Wells Center recognizes three scientists with translational research awards
Sara Buckallew Jul 16, 2021
The Herman B Wells Center for Pediatric Research has recognized three scientists with funding for their promising clinical/translational studies.
The Clinical/Translational Research Support Awards are distributed annually and made possible by Riley Children’s Foundation, the fundraising arm of Riley Hospital for Children at IU Health and of pediatric research at Indiana University School of Medicine. This year’s awardees each received $50,000 to fund their projects, which include research related to diabetes and leukemias.
Elizabeth Sierra Potchanant, PhD
Assistant Research Professor of Pediatrics
Project title: Targeting PLK1 as a novel synthetic lethality strategy for acute myeloid leukemias with Fanconi anemia pathway mutations
Fanconi anemia is a rare bone marrow disorder that is associated with acute myeloid leukemia (AML), the leading cause of leukemia-related mortality in children. Treatment of AML in kids with Fanconi anemia is especially difficult due to the disorder’s impairment of DNA repair activity. Because of this, children with Fanconi anemia who develop AML may receive lower doses of chemotherapy treatment compared to other AML patients, potentially under-treating the cancer.
Dr. Sierra Potchanant’s project hypothesizes that FA genes that are frequently mutated in pediatric AML could be sensitive to inhibition of an enzyme called PLK1. Previous work from Dr. Sierra Potchanant has shown that over-expression of PLK1 correlated with mutation of the Fanconi anemia pathway, suggesting that those cancer cells may have increased reliance on the enzyme.
To build on this data, Dr. Sierra Potchanant will work with the Precision Genomics team at IU Health to gather samples from AML patients at Riley Hospital for Children at IU Health. Using these, she will assess the effects of pharmacological inhibition of PLK1 in Fanconi anemia-related leukemia, and may provide a preclinical rationale for the development of precision treatments for vulnerable pediatric cancer patients with Fanconi anemia and AML.
Jamie Felton, MD
Assistant Professor of Clinical Pediatrics
Project title: Exosomal microRNA cargo facilitates islet-immune cell interaction to drive Type 1 diabetes
Type 1 diabetes is a chronic and costly autoimmune disease in which the body no longer produces the insulin hormone that regulates blood sugar levels. Each year, about 64,000 people—mostly children and adolescents--are diagnosed with Type 1 diabetes. For the rest of their lives, they will require insulin therapy to survive.

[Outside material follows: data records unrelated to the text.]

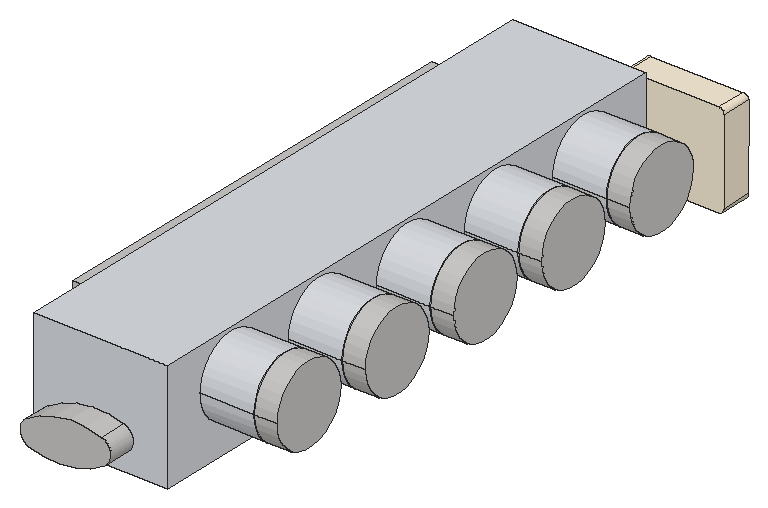
Revit family "HVAC_Ductwork_Airzone_Motorized-Plenum_Fujitsu_Low-Profile_5-Dampers", category Mechanical Equipment, Revit 2016
Family settings
  Part Type = Normal
  Round Connector Dimension = Use Diameter
  OmniClass Number = 23.75.70.14
  OmniClass Title = Air Ductwork
  Work Plane-Based = No
  Always vertical = Yes
  Cut with Voids When Loaded = No
  Shared = No
  Room Calculation Point = No
Parameters (values of type "FUJSL01M5")
  Voltage = 230 V
  URL = "www.airzone.es"
  Type Image Comments = "Image available in product documentation download"  # constant formula
  Revit Model Version = "1.0"  # constant formula
  Revit Model Author URL = "www.a3d.es"
  Revit Model Author = "A3D Consulting"  # constant formula
  Product Documentation Download URL = "http://doc.airzone.es/BIM/Easyzone/Fujitsu-Airzone_motorized_plenum.zip"
  Product Comments = "Refer to technical documentation for further details"  # constant formula
  Power Factor = 1
  Neck Width = 853.600 mm
  Neck Length = 40.000 mm
  Neck Height = 154.600 mm
  Material = Metal - AIRZONE - Galvanized Sheet - Semi-polished
  Main Control Board Material = Plastic - AIRZONE - Smooth - Off-white
  Load Classification = Other
  Insulated Body Width = 255.000 mm  # constant formula
  Insulated Body Material = Metal -AIRZONE - Insulating Lining -Aluminum Finish
  Insulated Body Length = 1140.000 mm  # constant formula
  Insulated Body Height = 210.000 mm  # constant formula
  Flow [instance] = Damper 5 Air Flow + Damper 4 Air Flow + Damper 3 Air Flow + Damper 2 Air Flow + Damper 1 Air Flow - Fresh Air Inlet 2 Flow - Fresh Air Inlet 1 Flow  # 1500 m³/h
  Fresh Air Inlet 1 Flow [instance] = 0 m³/h
  Fresh Air Inlet 2 Flow [instance] = 0 m³/h
  Fresh Air Inlet Connection Width = 175.000 mm
  Fresh Air Inlet Connection Height = 75.000 mm
  Model = "FUJSL01M5"
  Neck Side Offset = 143.200 mm
  Neck Bottom Offset = 33.700 mm
  Type Image = <None>
  Manufacturer = "AIRZONE"  # constant formula
  Main Control Board Depth = 57.000 mm  # constant formula
  Main Control Board Width = 195.000 mm  # constant formula
  Main Control Board Height = 180.000 mm  # constant formula
  Fixing = ""
  Disclaimer = "All information provided in this model is reviewed before being published. However, Airzone cannot guarantee this model is error-free, therefore users are strongly encouraged to check for technical documentation and updates"  # constant formula
  Description = "Airzone low profile motorized plenum with neck that mechanically adapts to the main ducted AC units of Fujitsu."
  Type Comments = ""
  Dampers Length = 149.000 mm  # constant formula
  Dampers Diameter = 150.000 mm  # constant formula
  Damper 5 Air Flow [instance] = 300 m³/h
  Damper 4 Air Flow [instance] = 300 m³/h
  Damper 1 Air Flow [instance] = 300 m³/h
  Damper 2 Air Flow [instance] = 300 m³/h
  Damper 3 Air Flow [instance] = 300 m³/h
  Fresh Air Inlet Connection Offset Height = 48.305 mm  # constant formula
  Compatible Accesories = ""
  Apparent Load = 57.5 VA
Types (2, lengths in mm): name | Neck Width | Model | Neck Side Offset
  FUJSL01M5 | 853.600 | "FUJSL01M5" | 143.200
  FUJSL01L5 | 1053.600 | "FUJSL01L5" | 43.200
Reference planes
  plane 1 "Center (Front/Back)": y = 0
  plane 2 "Center (Elevation)": z = 0
  plane 3 "Center (Left/Right)": x = 0
  plane 4 "Neck Back": y = 426.8
  plane 5 "Neck Front": y = -426.8
  plane 6 "Neck Top": z = 77.3
  plane 7 "Neck Bottom": z = -77.3
  plane 8 "Left": x = 40
  plane 9 "Bottom": z = -111
  plane 10 "Top": z = 99
  plane 11 "Front": y = -570
  plane 12 "Back": y = 570
  plane 13 "Right": x = 295
  plane 14 "Dampers Front": x = 444
  plane 15 "Dampers Center (Elevation)": z = 19
  plane 16 "Damper3": y = 0
  plane 17 "Damper2": y = 210
  plane 18 "Damper1": y = 420
  plane 19 "Middle": y = 0
  plane 20 "FreshAir Center (Elevation)": z = -62.695
  plane 21 "FreshAir1": y = 622.5
  plane 22 "FreshAir2": y = -622.5
  plane 23 "Dampers Lining": x = 399
  plane 24 "FreshAir Vertical Axis": x = 142.04
  plane 25 "ConnectionBox Side": x = 249
  plane 26 "Main Control Board Center (Left/Right)": x = 346.5
  plane 27 "Damper4": y = -210
  plane 28 "Damper5": y = -420
Forms (mm)
  Extrusion 1, solid, material "Metal - AIRZONE - Galvanized Sheet - Semi-polished" <- "Material"
    sketch origin (0, 0, 0) x (0, 1, 0) y (0, 0, 1)
      loop
        line (-426.8, 77.3) -> (-426.8, -77.3) -> (426.8, -77.3) -> (426.8, 77.3) -> (-426.8, 77.3)
    from 0 to 40
  Extrusion 2, solid, material "Metal -AIRZONE - Insulating Lining -Aluminum Finish" <- "Insulated Body Material"
    sketch origin (40, 0, 0) x (0, 1, 0) y (0, 0, 1)
      loop
        line (-570, 99) -> (-570, -111) -> (570, -111) -> (570, 99) -> (-570, 99)
    from 0 to 255
  Extrusion 3, solid, material "Metal - AIRZONE - Galvanized Sheet - Semi-polished" <- "Material"
    sketch origin (295, 0, 0) x (0, 1, 0) y (0, 0, 1)
      loop
        circle (0, 19) r 75
    from 104 to 149
  Extrusion 4, solid, material "Metal - AIRZONE - Galvanized Sheet - Semi-polished" <- "Material"
    sketch origin (295, 0, 0) x (0, 1, 0) y (0, 0, 1)
      loop
        circle (210, 19) r 75
    from 104 to 149
  Extrusion 5, solid, material "Metal - AIRZONE - Galvanized Sheet - Semi-polished" <- "Material"
    sketch origin (295, 0, 0) x (0, 1, 0) y (0, 0, 1)
      loop
        circle (420, 19) r 75
    from 104 to 149
  Extrusion 6, solid, material "Metal - AIRZONE - Galvanized Sheet - Semi-polished" <- "Material"
    sketch origin (0, -570, 0) x (0, 0, 1) y (1, 0, 0)
      loop
        arc (-30.141, 211.414) -> (-51.608, 228.315) -> (-76.312, 216.644) r 25.96
        arc (-76.312, 216.644) -> (-102.302, 146.808) -> (-94.849, 72.666) r 164.67
        arc (-94.849, 72.666) -> (-73.665, 55.799) -> (-48.994, 66.961) r 25.96
        arc (-48.994, 66.961) -> (-22.725, 136.99) -> (-30.141, 211.414) r 164.67
    from 0 to -52.5
  Extrusion 7, solid, material "Metal - AIRZONE - Galvanized Sheet - Semi-polished" <- "Material"
    sketch origin (0, 570, 0) x (0, 0, 1) y (1, 0, 0)
      loop
        arc (-30.141, 211.414) -> (-51.325, 228.281) -> (-75.996, 217.119) r 25.96
        arc (-75.996, 217.119) -> (-102.179, 147.74) -> (-95.267, 73.909) r 164.67
        arc (-95.267, 73.909) -> (-74.032, 55.847) -> (-48.678, 67.436) r 25.96
        arc (-48.678, 67.436) -> (-22.688, 137.272) -> (-30.141, 211.414) r 164.67
    from 0 to 52.5
  Extrusion 8, solid, material "Metal -AIRZONE - Insulating Lining -Aluminum Finish" <- "Insulated Body Material"
    sketch origin (295, 0, 0) x (0, 1, 0) y (0, 0, 1)
      loop
        circle (420, 19) r 75
    from 0 to 104
  Extrusion 9, solid, material "Metal -AIRZONE - Insulating Lining -Aluminum Finish" <- "Insulated Body Material"
    sketch origin (295, -260, 0) x (0, 1, 0) y (0, 0, 1)
      loop
        circle (470, 19) r 75
    from 0 to 104
  Extrusion 10, solid, material "Metal -AIRZONE - Insulating Lining -Aluminum Finish" <- "Insulated Body Material"
    sketch origin (295, -520, 0) x (0, 1, 0) y (0, 0, 1)
      loop
        circle (520, 19) r 75
    from 0 to 104
  Extrusion 11, solid, material "Metal - AIRZONE - Galvanized Sheet - Semi-polished" <- "Material"
    sketch origin (295, -190, 0) x (0, 1, 0) y (0, 0, 1)
      loop
        circle (-20, 19) r 75
    from 104 to 149
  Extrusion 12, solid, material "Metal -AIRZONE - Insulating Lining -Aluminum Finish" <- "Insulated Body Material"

Dr. Felton’s research focuses on the interaction between beta cells, which produce insulin, and immune cells called B lymphocytes, or B cells. Specifically, she looks at how B cells and beta cells communicate with one another to initiate the destruction of beta cells and eventual onset of Type 1 diabetes.
Earlier studies from Dr. Felton and her colleagues suggested that some dysfunctional beta cells secrete a communication mechanism called exosomes that transfer a specific type of microRNA, miR-21. Their data suggest that this process could theoretically trigger an inflammatory response in B cells, resulting in the pivotal moment at which some people become at-risk for developing Type 1 diabetes.
Dr. Felton’s project will further define these communication mechanisms between beta cells and B cells while establishing previously unidentified indicators, or biomarkers, that suggest risk for Type 1 diabetes. Collectively, this work paves the way for earlier intervention and possible disease delay or even prevention for children at risk for Type 1 diabetes.
Jie Jiang, PhD
Assistant Research Professor of Pediatrics
Project title: The role of GCN2 in leukemia progression and targeting therapeutics
Cancer cells are adaptive—that’s why they’re so prolific. For patients with T-acute lymphoblastic leukemia (T-ALL), this adaptivity leads to a worse prognosis than in any other form of ALL, which is the most common type of blood cancer in children. Relapse occurs in about one-fourth of pediatric T-ALL patients, and survival after relapse is below 25%.
Dr. Jiang’s research focuses on targeting the nutrient of cancers--amino acids--for cancer treatment. However, cancer cells use a critical adaptive pathway through a kinase called GCN2, which it then exploits to supplement the nutrient to feed the cancers.
Dr. Jiang’s work has established promising data from both a novel Kras mutation-driven mouse T-ALL model and human pediatric patient samples, proving that targeting GCN2 in addition to nutrient depletion (like common chemotherapies for ALL, such as L-asparaginase) could be an effective combination therapy for T-ALL.
Importantly, this project will lay the groundwork for better understanding of the role of adaptive metabolic response in chemo-resistant T-ALL. Meanwhile, this work establishes rationale for targeting the GCN2 adaptive pathway to improve outcomes for T-ALL patients, and will shed light on applying this nutrient-depleting strategy for targeting the “undruggable” Kras mutation-driven cancers.